(Task goal)
In the listing below, locate the lines that hold "layers" and copy them.

(Data)
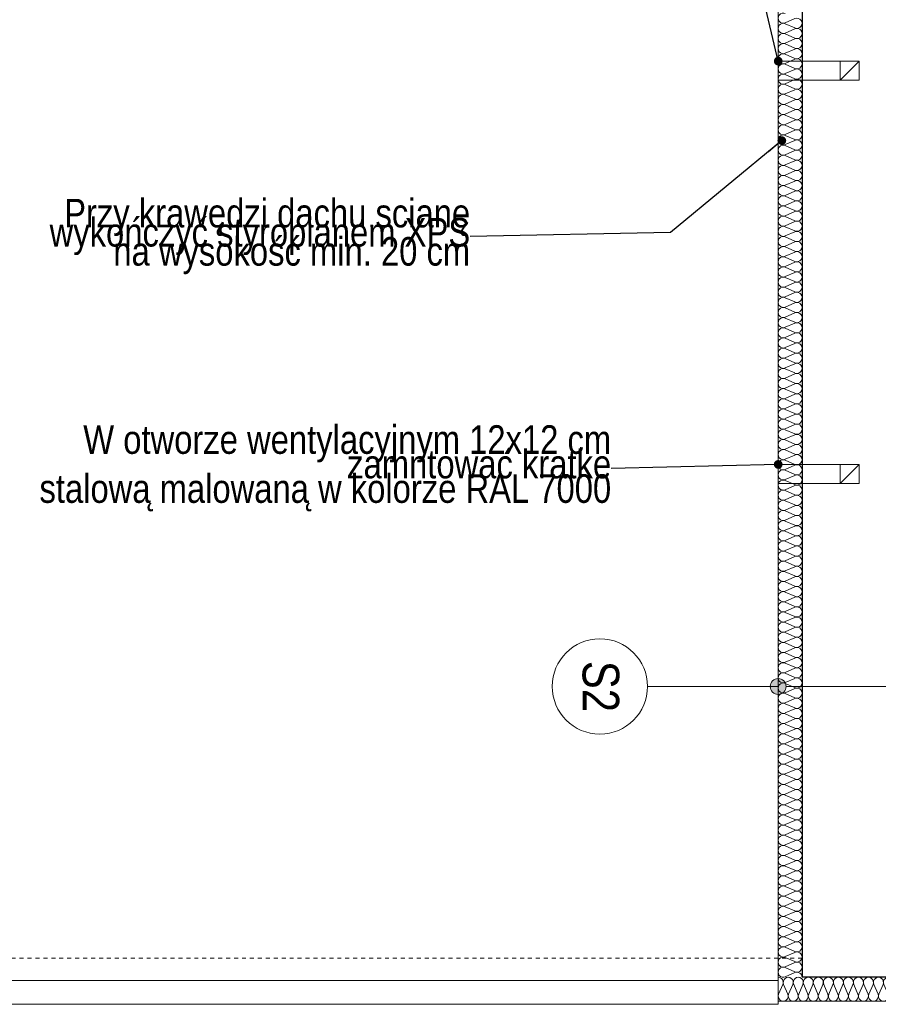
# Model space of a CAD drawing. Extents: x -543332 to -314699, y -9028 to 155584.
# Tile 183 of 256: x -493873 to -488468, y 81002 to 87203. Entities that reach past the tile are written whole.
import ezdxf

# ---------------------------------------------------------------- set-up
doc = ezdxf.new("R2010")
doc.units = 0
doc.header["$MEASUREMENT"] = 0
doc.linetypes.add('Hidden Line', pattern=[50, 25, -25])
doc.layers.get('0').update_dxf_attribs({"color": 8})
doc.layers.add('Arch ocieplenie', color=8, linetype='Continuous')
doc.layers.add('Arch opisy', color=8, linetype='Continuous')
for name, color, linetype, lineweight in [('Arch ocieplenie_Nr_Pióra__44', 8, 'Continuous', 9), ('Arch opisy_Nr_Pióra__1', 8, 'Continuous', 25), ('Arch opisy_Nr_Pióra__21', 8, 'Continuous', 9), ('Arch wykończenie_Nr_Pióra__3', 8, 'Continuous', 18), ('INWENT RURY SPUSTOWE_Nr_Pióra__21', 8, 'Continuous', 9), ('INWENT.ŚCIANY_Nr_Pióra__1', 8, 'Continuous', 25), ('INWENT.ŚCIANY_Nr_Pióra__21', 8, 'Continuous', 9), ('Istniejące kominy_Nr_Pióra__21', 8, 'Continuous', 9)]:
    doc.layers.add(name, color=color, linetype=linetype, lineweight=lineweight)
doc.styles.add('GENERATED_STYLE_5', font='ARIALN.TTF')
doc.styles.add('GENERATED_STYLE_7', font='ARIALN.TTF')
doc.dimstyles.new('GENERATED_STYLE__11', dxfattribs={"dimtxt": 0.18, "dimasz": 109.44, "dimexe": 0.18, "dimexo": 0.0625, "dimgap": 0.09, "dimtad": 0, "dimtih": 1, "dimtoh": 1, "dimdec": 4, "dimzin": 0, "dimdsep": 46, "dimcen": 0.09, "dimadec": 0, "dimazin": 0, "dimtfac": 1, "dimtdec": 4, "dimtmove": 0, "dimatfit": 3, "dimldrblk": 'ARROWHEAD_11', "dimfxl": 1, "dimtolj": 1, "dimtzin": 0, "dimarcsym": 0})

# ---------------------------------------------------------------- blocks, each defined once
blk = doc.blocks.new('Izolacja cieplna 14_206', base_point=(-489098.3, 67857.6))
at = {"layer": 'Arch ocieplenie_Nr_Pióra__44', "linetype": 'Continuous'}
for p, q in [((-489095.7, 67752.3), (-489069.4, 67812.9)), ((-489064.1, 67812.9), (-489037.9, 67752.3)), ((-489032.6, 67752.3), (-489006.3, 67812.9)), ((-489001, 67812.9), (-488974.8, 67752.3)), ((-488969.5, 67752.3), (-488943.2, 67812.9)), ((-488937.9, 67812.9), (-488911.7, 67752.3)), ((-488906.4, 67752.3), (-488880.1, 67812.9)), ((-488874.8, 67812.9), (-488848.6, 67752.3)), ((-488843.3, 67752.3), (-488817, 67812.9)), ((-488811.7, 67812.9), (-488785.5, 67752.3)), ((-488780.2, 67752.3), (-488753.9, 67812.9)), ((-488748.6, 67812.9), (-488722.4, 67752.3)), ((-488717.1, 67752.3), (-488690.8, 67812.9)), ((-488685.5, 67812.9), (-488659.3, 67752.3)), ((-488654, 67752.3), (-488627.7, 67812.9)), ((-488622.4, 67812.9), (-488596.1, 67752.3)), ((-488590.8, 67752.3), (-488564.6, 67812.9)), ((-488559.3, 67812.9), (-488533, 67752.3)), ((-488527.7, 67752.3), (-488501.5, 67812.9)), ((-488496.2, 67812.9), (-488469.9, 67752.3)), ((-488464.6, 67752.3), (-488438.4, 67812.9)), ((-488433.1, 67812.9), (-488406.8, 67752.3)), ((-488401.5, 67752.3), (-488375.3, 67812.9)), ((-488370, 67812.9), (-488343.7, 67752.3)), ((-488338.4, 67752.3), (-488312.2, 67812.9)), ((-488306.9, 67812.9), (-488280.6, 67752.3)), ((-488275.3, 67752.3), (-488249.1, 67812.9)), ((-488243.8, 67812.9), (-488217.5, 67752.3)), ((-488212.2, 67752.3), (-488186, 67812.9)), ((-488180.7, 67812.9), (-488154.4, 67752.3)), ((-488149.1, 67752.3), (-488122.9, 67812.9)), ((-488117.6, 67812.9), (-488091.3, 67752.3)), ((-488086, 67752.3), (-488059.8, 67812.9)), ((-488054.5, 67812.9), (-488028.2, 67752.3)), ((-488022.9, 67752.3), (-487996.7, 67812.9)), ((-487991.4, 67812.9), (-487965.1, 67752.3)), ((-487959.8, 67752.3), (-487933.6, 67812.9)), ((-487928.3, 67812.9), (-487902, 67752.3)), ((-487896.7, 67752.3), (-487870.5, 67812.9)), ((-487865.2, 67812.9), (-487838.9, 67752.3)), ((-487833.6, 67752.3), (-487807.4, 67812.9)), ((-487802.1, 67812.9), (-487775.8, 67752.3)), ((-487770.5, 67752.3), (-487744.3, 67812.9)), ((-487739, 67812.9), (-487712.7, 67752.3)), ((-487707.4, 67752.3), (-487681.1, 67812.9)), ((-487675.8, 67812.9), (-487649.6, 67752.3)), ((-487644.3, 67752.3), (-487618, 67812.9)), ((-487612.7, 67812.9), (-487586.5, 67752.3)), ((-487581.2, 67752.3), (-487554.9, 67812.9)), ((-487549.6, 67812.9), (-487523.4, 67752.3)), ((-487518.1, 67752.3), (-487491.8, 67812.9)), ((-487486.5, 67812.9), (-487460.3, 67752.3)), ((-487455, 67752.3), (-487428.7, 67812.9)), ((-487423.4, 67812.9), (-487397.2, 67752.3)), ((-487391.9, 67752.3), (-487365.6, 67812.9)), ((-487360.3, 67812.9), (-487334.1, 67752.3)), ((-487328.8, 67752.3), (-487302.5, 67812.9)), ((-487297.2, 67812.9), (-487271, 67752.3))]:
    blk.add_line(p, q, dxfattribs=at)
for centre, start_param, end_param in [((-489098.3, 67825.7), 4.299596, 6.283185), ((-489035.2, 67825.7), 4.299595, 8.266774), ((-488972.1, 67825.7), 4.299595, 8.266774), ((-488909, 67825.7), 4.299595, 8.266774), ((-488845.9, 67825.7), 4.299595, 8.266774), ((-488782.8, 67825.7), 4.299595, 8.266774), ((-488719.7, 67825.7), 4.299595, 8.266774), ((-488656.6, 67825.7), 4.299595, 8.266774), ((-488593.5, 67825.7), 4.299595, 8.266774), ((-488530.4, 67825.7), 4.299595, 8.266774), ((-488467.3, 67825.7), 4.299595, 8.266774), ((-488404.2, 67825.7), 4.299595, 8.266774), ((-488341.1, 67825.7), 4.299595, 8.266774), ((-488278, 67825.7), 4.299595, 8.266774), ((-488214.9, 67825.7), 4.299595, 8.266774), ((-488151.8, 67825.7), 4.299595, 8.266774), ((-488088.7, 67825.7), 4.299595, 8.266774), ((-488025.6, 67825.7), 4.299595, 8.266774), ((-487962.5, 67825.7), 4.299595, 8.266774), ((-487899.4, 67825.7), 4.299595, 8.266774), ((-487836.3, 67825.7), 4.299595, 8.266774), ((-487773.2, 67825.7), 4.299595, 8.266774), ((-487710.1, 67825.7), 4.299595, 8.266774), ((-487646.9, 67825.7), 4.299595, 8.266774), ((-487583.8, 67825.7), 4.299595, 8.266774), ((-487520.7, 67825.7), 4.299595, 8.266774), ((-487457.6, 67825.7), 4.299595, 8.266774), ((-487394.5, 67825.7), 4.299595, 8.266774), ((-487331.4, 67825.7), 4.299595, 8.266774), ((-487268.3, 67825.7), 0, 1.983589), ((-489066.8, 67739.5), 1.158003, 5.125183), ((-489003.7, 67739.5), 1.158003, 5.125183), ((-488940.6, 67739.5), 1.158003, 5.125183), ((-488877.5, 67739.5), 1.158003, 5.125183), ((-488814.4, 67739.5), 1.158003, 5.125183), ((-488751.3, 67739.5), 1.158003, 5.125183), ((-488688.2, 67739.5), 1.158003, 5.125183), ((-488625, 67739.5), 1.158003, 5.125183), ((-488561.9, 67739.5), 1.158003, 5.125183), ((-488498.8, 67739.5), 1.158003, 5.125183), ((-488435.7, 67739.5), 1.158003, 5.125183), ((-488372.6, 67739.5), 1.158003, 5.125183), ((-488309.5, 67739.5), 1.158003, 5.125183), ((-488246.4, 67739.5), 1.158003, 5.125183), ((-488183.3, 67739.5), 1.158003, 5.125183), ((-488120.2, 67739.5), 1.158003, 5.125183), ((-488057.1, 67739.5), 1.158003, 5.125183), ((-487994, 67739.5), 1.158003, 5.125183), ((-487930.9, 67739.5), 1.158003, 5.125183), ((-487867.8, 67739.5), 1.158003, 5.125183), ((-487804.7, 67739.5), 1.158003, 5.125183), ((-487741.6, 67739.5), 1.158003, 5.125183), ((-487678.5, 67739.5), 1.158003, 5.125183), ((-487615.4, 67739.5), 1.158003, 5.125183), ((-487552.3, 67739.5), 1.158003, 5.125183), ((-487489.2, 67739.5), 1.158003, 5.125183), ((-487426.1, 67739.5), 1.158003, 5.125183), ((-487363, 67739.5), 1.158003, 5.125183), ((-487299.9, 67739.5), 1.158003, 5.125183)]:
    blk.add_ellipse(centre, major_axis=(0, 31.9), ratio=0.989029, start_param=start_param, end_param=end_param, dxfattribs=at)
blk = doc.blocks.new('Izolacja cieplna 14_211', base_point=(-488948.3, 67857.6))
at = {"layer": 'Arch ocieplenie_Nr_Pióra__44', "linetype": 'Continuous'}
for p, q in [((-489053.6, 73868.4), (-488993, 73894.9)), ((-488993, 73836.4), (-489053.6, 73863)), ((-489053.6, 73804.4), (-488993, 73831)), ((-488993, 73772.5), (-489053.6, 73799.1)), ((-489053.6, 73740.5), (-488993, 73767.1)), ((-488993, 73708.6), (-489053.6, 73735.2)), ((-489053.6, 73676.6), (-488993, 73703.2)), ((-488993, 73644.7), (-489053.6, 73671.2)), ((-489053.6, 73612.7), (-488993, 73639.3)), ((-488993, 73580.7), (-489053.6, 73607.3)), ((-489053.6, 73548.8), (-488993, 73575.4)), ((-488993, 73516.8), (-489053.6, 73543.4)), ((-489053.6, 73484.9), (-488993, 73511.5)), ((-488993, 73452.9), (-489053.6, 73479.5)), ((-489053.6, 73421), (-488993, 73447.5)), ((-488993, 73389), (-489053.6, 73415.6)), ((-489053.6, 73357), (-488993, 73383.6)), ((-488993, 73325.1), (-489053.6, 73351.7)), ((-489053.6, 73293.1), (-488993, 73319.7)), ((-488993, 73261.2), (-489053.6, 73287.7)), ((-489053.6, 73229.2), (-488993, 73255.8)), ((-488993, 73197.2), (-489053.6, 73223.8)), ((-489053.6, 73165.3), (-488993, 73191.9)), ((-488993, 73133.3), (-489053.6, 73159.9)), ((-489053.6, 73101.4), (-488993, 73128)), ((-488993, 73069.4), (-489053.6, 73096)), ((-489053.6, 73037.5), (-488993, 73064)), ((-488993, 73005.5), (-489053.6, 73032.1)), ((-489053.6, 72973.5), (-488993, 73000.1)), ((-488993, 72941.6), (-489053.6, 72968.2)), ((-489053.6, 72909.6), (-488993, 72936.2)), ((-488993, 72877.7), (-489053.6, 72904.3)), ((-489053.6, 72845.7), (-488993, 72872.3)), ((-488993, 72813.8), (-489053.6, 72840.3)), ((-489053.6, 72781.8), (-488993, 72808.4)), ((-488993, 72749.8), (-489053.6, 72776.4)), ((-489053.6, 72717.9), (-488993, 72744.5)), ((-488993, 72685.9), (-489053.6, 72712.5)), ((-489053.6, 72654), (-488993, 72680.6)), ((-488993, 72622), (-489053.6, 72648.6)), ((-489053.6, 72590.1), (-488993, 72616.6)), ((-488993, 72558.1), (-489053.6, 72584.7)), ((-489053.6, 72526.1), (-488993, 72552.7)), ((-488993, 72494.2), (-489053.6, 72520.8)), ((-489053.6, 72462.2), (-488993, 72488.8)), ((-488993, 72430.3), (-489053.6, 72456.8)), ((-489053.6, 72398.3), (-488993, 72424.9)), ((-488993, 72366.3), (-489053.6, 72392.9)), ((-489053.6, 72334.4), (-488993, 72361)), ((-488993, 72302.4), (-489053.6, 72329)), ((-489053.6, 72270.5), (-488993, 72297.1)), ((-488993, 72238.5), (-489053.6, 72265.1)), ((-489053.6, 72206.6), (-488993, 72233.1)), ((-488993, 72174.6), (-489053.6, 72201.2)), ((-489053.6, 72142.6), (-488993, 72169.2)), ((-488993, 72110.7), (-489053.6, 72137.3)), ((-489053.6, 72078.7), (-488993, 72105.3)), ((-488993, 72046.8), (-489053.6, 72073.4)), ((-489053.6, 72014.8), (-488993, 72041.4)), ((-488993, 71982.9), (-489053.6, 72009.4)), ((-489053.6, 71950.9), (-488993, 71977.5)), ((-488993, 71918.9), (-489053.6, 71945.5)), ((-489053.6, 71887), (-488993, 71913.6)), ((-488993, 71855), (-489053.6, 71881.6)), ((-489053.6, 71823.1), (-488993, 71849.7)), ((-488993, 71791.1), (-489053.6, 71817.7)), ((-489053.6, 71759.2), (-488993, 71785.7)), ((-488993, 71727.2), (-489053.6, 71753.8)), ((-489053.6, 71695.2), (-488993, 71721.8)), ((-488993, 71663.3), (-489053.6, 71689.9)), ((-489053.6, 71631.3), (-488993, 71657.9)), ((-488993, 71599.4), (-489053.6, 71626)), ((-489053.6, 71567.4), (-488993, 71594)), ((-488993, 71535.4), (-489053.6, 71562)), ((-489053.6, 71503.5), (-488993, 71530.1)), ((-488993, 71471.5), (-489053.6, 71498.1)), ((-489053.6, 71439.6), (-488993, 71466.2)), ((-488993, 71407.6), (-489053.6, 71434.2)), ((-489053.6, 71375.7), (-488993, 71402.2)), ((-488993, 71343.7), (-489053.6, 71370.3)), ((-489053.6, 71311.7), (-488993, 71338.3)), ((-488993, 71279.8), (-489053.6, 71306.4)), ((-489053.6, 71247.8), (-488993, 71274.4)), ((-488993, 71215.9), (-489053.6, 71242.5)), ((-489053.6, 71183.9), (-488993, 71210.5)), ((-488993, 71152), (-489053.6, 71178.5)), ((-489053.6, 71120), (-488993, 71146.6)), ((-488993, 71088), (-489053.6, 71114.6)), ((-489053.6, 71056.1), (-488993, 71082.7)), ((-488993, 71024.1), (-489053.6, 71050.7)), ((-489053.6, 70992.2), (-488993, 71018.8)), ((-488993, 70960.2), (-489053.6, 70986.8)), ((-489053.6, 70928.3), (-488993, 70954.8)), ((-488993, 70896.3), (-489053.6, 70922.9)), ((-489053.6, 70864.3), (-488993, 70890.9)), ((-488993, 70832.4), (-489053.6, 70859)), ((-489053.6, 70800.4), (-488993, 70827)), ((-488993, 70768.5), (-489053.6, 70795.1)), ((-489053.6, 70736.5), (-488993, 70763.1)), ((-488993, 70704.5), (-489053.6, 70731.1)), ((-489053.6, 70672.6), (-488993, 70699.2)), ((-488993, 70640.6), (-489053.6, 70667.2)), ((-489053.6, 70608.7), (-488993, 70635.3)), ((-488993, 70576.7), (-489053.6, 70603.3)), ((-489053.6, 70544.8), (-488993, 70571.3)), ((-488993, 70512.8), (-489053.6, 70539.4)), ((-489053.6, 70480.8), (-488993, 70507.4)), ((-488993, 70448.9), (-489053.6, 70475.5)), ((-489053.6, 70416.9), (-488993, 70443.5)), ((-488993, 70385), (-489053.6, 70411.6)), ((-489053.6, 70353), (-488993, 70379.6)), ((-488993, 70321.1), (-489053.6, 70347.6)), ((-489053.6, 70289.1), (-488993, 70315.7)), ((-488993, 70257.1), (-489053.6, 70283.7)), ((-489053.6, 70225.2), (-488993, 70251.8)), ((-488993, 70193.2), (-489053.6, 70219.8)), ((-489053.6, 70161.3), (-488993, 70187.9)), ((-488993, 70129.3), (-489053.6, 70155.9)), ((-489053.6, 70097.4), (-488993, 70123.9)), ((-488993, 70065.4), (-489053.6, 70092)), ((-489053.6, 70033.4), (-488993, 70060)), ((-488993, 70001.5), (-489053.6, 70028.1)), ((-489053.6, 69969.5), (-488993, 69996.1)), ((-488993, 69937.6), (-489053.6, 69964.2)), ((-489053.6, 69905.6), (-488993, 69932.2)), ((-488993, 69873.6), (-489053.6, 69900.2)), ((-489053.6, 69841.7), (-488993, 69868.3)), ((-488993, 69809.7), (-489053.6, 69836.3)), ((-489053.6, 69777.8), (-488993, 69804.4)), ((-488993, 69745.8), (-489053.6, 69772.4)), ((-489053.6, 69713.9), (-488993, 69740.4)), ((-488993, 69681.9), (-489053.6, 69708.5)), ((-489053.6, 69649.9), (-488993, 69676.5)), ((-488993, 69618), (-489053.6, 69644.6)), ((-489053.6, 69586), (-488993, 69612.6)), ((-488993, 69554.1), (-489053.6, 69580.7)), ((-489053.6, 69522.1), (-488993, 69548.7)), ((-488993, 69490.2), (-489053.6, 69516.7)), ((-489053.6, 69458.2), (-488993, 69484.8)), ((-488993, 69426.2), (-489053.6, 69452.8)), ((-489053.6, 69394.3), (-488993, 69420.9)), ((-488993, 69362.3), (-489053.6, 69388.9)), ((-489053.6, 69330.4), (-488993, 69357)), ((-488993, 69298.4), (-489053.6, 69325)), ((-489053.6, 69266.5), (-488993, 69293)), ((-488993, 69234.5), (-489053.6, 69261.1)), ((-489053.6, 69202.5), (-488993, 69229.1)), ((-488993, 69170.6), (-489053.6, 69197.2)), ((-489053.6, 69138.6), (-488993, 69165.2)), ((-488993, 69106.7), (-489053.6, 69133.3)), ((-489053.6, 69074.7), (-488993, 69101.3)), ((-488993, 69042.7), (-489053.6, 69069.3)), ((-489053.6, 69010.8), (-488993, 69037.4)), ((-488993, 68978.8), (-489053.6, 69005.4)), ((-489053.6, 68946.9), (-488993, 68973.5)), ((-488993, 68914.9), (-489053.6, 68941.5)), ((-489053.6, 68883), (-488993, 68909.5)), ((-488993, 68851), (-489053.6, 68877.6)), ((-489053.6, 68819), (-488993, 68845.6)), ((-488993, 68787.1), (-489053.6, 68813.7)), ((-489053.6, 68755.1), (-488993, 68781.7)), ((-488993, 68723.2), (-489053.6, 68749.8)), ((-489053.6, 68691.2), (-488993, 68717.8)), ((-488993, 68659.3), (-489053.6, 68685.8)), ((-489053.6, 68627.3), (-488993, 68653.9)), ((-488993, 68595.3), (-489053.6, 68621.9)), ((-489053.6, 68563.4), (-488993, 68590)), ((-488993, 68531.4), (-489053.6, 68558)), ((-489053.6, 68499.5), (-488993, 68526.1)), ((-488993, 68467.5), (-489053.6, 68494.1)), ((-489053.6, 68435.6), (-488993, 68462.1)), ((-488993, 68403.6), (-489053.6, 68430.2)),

(Expected answer)
doc.layers.get('0').update_dxf_attribs({"color": 8})
doc.layers.add('Arch ocieplenie', color=8, linetype='Continuous')
doc.layers.add('Arch opisy', color=8, linetype='Continuous')
    doc.layers.add(name, color=color, linetype=linetype, lineweight=lineweight)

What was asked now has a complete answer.